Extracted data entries
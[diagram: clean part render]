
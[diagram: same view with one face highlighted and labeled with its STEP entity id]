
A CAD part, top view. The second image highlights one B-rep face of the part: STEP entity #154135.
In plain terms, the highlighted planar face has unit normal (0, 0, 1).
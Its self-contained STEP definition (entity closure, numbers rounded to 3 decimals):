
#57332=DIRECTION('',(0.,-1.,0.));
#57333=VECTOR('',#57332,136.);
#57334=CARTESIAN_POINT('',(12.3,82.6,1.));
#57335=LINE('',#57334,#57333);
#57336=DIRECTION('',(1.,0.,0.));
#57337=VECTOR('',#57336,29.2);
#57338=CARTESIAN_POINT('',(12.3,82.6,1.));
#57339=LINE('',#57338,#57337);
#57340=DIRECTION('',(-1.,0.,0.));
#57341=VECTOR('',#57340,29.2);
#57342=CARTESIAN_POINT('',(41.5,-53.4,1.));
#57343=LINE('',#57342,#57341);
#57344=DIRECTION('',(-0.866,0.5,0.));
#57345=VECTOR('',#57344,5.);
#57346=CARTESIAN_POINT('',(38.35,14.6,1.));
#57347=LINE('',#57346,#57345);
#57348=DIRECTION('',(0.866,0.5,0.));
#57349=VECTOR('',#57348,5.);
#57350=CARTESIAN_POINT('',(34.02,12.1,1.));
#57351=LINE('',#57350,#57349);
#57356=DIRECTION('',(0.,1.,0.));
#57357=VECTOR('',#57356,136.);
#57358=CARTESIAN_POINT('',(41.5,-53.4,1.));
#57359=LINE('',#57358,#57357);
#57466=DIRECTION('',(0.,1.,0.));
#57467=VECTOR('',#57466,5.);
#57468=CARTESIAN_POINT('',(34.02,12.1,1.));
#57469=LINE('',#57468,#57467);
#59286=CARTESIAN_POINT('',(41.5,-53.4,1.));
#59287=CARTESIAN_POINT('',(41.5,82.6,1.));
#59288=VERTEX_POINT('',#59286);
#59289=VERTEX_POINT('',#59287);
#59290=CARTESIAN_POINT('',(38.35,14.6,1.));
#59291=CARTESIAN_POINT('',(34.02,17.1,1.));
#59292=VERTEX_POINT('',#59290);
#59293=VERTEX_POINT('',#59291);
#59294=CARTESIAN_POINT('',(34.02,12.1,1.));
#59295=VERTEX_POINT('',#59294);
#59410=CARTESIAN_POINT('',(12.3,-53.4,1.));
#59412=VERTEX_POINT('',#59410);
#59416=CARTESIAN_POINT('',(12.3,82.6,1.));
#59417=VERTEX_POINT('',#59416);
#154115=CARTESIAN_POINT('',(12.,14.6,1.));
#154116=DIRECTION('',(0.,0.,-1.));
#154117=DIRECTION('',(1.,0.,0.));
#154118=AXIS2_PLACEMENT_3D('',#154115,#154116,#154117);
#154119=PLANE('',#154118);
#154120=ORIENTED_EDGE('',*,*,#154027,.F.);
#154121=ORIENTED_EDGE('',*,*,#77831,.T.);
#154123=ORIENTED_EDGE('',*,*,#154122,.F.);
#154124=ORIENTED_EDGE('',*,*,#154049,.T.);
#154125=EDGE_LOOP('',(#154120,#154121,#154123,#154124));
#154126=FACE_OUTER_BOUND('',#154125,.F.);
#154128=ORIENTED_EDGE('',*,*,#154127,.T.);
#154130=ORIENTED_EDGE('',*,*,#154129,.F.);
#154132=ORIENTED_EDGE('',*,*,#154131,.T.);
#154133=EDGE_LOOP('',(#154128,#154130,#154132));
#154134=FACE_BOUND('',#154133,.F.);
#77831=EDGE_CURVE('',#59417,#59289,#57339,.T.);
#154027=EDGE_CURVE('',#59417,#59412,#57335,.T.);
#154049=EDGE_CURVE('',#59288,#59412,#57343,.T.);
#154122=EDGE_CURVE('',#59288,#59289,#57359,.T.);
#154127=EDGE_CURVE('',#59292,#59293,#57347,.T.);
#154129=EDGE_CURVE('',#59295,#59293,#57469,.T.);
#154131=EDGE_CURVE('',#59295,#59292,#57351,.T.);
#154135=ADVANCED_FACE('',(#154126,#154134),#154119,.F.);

→ **AIM OF THE EXERCISE**: Write each line above out exactly.

→ **REPLY TO THE TASK**:
[diagram: clean part render]
[diagram: same view with one face highlighted and labeled with its STEP entity id]
A CAD part, top view. The second image highlights one B-rep face of the part: STEP entity #154135.
In plain terms, the highlighted planar face has unit normal (0, 0, 1).
Its self-contained STEP definition (entity closure, numbers rounded to 3 decimals):
#57332=DIRECTION('',(0.,-1.,0.));
#57333=VECTOR('',#57332,136.);
#57334=CARTESIAN_POINT('',(12.3,82.6,1.));
#57335=LINE('',#57334,#57333);
#57336=DIRECTION('',(1.,0.,0.));
#57337=VECTOR('',#57336,29.2);
#57338=CARTESIAN_POINT('',(12.3,82.6,1.));
#57339=LINE('',#57338,#57337);
#57340=DIRECTION('',(-1.,0.,0.));
#57341=VECTOR('',#57340,29.2);
#57342=CARTESIAN_POINT('',(41.5,-53.4,1.));
#57343=LINE('',#57342,#57341);
#57344=DIRECTION('',(-0.866,0.5,0.));
#57345=VECTOR('',#57344,5.);
#57346=CARTESIAN_POINT('',(38.35,14.6,1.));
#57347=LINE('',#57346,#57345);
#57348=DIRECTION('',(0.866,0.5,0.));
#57349=VECTOR('',#57348,5.);
#57350=CARTESIAN_POINT('',(34.02,12.1,1.));
#57351=LINE('',#57350,#57349);
#57356=DIRECTION('',(0.,1.,0.));
#57357=VECTOR('',#57356,136.);
#57358=CARTESIAN_POINT('',(41.5,-53.4,1.));
#57359=LINE('',#57358,#57357);
#57466=DIRECTION('',(0.,1.,0.));
#57467=VECTOR('',#57466,5.);
#57468=CARTESIAN_POINT('',(34.02,12.1,1.));
#57469=LINE('',#57468,#57467);
#59286=CARTESIAN_POINT('',(41.5,-53.4,1.));
#59287=CARTESIAN_POINT('',(41.5,82.6,1.));
#59288=VERTEX_POINT('',#59286);
#59289=VERTEX_POINT('',#59287);
#59290=CARTESIAN_POINT('',(38.35,14.6,1.));
#59291=CARTESIAN_POINT('',(34.02,17.1,1.));
#59292=VERTEX_POINT('',#59290);
#59293=VERTEX_POINT('',#59291);
#59294=CARTESIAN_POINT('',(34.02,12.1,1.));
#59295=VERTEX_POINT('',#59294);
#59410=CARTESIAN_POINT('',(12.3,-53.4,1.));
#59412=VERTEX_POINT('',#59410);
#59416=CARTESIAN_POINT('',(12.3,82.6,1.));
#59417=VERTEX_POINT('',#59416);
#154115=CARTESIAN_POINT('',(12.,14.6,1.));
#154116=DIRECTION('',(0.,0.,-1.));
#154117=DIRECTION('',(1.,0.,0.));
#154118=AXIS2_PLACEMENT_3D('',#154115,#154116,#154117);
#154119=PLANE('',#154118);
#154120=ORIENTED_EDGE('',*,*,#154027,.F.);
#154121=ORIENTED_EDGE('',*,*,#77831,.T.);
#154123=ORIENTED_EDGE('',*,*,#154122,.F.);
#154124=ORIENTED_EDGE('',*,*,#154049,.T.);
#154125=EDGE_LOOP('',(#154120,#154121,#154123,#154124));
#154126=FACE_OUTER_BOUND('',#154125,.F.);
#154128=ORIENTED_EDGE('',*,*,#154127,.T.);
#154130=ORIENTED_EDGE('',*,*,#154129,.F.);
#154132=ORIENTED_EDGE('',*,*,#154131,.T.);
#154133=EDGE_LOOP('',(#154128,#154130,#154132));
#154134=FACE_BOUND('',#154133,.F.);
#77831=EDGE_CURVE('',#59417,#59289,#57339,.T.);
#154027=EDGE_CURVE('',#59417,#59412,#57335,.T.);
#154049=EDGE_CURVE('',#59288,#59412,#57343,.T.);
#154122=EDGE_CURVE('',#59288,#59289,#57359,.T.);
#154127=EDGE_CURVE('',#59292,#59293,#57347,.T.);
#154129=EDGE_CURVE('',#59295,#59293,#57469,.T.);
#154131=EDGE_CURVE('',#59295,#59292,#57351,.T.);
#154135=ADVANCED_FACE('',(#154126,#154134),#154119,.F.);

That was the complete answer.